In contrast, the second list contains more words focusing on the crime itself (and, relatedly, on prosecuting those commit it): abuses, violation(s), advocates, jurisdiction, activists, penal, investigate, etc. In addition, although we cannot see this from the table, articles that do mention human rights contain, on average, almost twice as many occurrences of the words stem 'genocid' as do articles that do not.

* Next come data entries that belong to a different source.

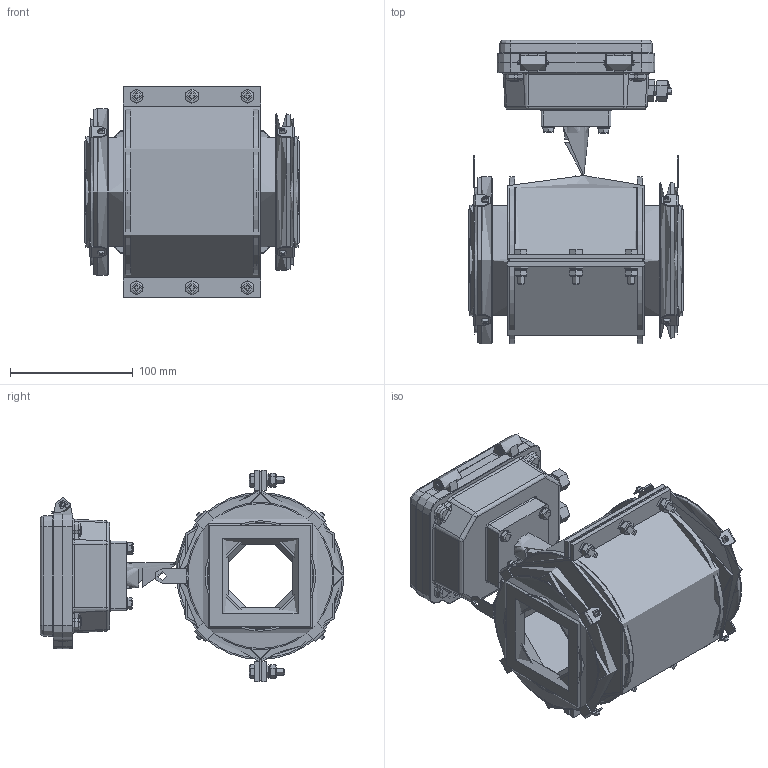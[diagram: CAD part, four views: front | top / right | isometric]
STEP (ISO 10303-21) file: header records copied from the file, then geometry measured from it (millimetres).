
FILE_DESCRIPTION(('STEP AP214'), '1');
FILE_NAME('Âçëåò ÝÌ ÏÐÎÔÈ DN80 Ñýíäâè÷', '', ('UNSPECIFIED'), ('UNSPECIFIED'), 'ASCON STEP Converter 1.6', 'ASCON Math Kernel', '');
FILE_SCHEMA(('AUTOMOTIVE_DESIGN { 1 0 10303 214 3 1 1}'));
Length unit declared in the file: millimetre
Products named in the file (1): 婽挭.407212.031-001.10
Bounding box: 175 x 247.37 x 172 mm (x, y, z)
Topology: 7 solids, 12 shells, 1681 faces, 4107 edges, 2513 vertices
Faces by surface type: plane 853, cylinder 456, cone 175, torus 149, bspline 38, sphere 10
Full cylindrical faces by diameter (mm): 0.8 x2, 2 x2, 3 x4, 3.242 x14, 3.3 x2, 4 x18, 5 x9, 5.5 x1, 6 x16, 6.4 x6, 7 x27, 7.5 x2, 8 x2, 10 x4, 11 x6, 12 x8, 12.5 x2, 16.5 x2, 18 x1, 19 x1, 20 x1, 21 x2, 25 x1, 30 x1, 74 x1, 81 x2, 83 x2, 89 x1, 90 x4, 118 x2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
Entity records: 83181 total; most frequent: CARTESIAN_POINT 25973, DIRECTION 8327, ORIENTED_EDGE 7492, EDGE_CURVE 3746, AXIS2_PLACEMENT_3D 3236, VERTEX_POINT 2487, EDGE_LOOP 2195, LINE 1855
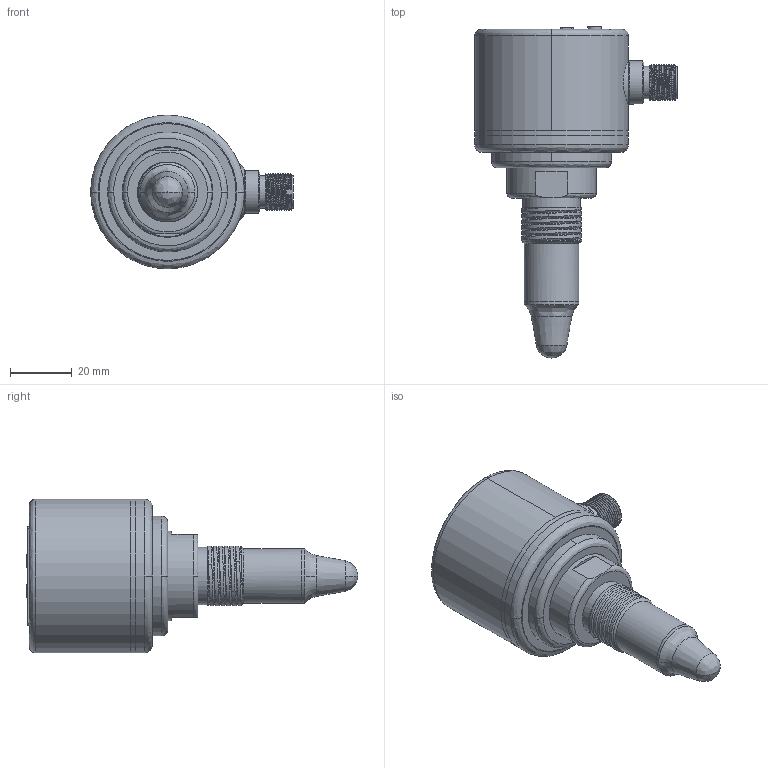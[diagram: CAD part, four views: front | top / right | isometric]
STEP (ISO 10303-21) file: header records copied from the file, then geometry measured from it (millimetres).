
FILE_DESCRIPTION(('STEP AP214'), '1');
FILE_NAME('ELS-052-T', '2025-03-04T11:00:40', (''), (''), 'ASCON STEP Converter 1.6', 'ASCON Math Kernel', '');
FILE_SCHEMA(('AUTOMOTIVE_DESIGN { 1 0 10303 214 3 1 1}'));
Length unit declared in the file: millimetre
Bounding box: 65.9 x 107.9 x 50 mm (x, y, z)
Volume: 124298.7 mm3; surface area: 51212.7 mm2
Topology: 12 solids, 13 shells, 368 faces, 858 edges, 547 vertices
Faces by surface type: plane 167, cylinder 117, bspline 62, cone 22
Full cylindrical faces by diameter (mm): 1 x9, 1.2 x2, 1.8 x1, 2 x2, 3.8 x2, 4.3 x2, 4.5 x2, 8.514 x1, 9.6 x1, 9.7 x1, 10.5 x2, 11 x1, 14 x1, 14.722 x1, 17.8 x2, 18.6 x1, 24 x1, 29 x1, 29.5 x2, 33 x2, 44.5 x2, 45.6 x2, 45.8 x1, 48 x4, 48.2 x1, 50 x2
Entity records: 31945 total; most frequent: CARTESIAN_POINT 17913, ORIENTED_EDGE 1556, DIRECTION 1446, EDGE_CURVE 778, PROPERTY_DEFINITION 736, PROPERTY_DEFINITION_REPRESENTATION 736, REPRESENTATION 736, AXIS2_PLACEMENT_3D 568

It is important to note that the words listed above are specifically selected for being more prominent in one group or the other: if we look at the two groups of articles overall, they look quite similar, as the following two word clouds show:


No mention of human rights
Human rights mentioned


The word clouds reference largely the same genocides: Armenia, Rwanda, Bosnia, Darfur. The first word cloud does hint at 2 older genocides less obvious in the second one: 'nazi' (for the Holocaust), and 'khmer' (for Cambodia).

Finally, I looked at whether this same pattern emerges when we look for the mention of proper names more systematically (the word lists presented above deliberately excluded proper names). If we do so, the list for the articles that do not mention human rights now includes a number of names associated with the Holocaust ('holocaust', 'jews', 'elders' & 'zion', 'nuremburg', 'adolf', 'hitler'), Ukraine ('ukrainian' and 'stalin'), and Armenia ('turkey', 'armenian', 'ankara', 'ottoman'). In contrast, the other word list now features names associated with Rwanda ('alison' & 'des' & 'forges'), Guatemala ('efrain' & 'montt' & 'rios', 'guatemala', 'guatemalan', 'mayan'), and Chile ('pinochet', 'chilean').

In sum, media coverage of genocide is not always associated with the term 'human rights' (indeed, only about 1 in 3 articles mention that term). If we wish to understand human rights coverage in the media, therefore, searching on that term alone is not satisfactory. (On the other hand, simply selecting all uses of the word root 'genocid' is no less problematic, as it will include many uses that are not germane to human rights).

Moreover, and of equal importance, the inclusion of the term 'human rights' is not random. Instead, use of the term is associated with the occurrence and short-term aftermath of a genocide, while omission of the term is more common in articles reporting on longer-term effects and reactions. This pattern means that any attempt to derive systematic conclusions about media coverage from just the subset of articles mentioning human rights will likely give rise to unwarranted conclusions.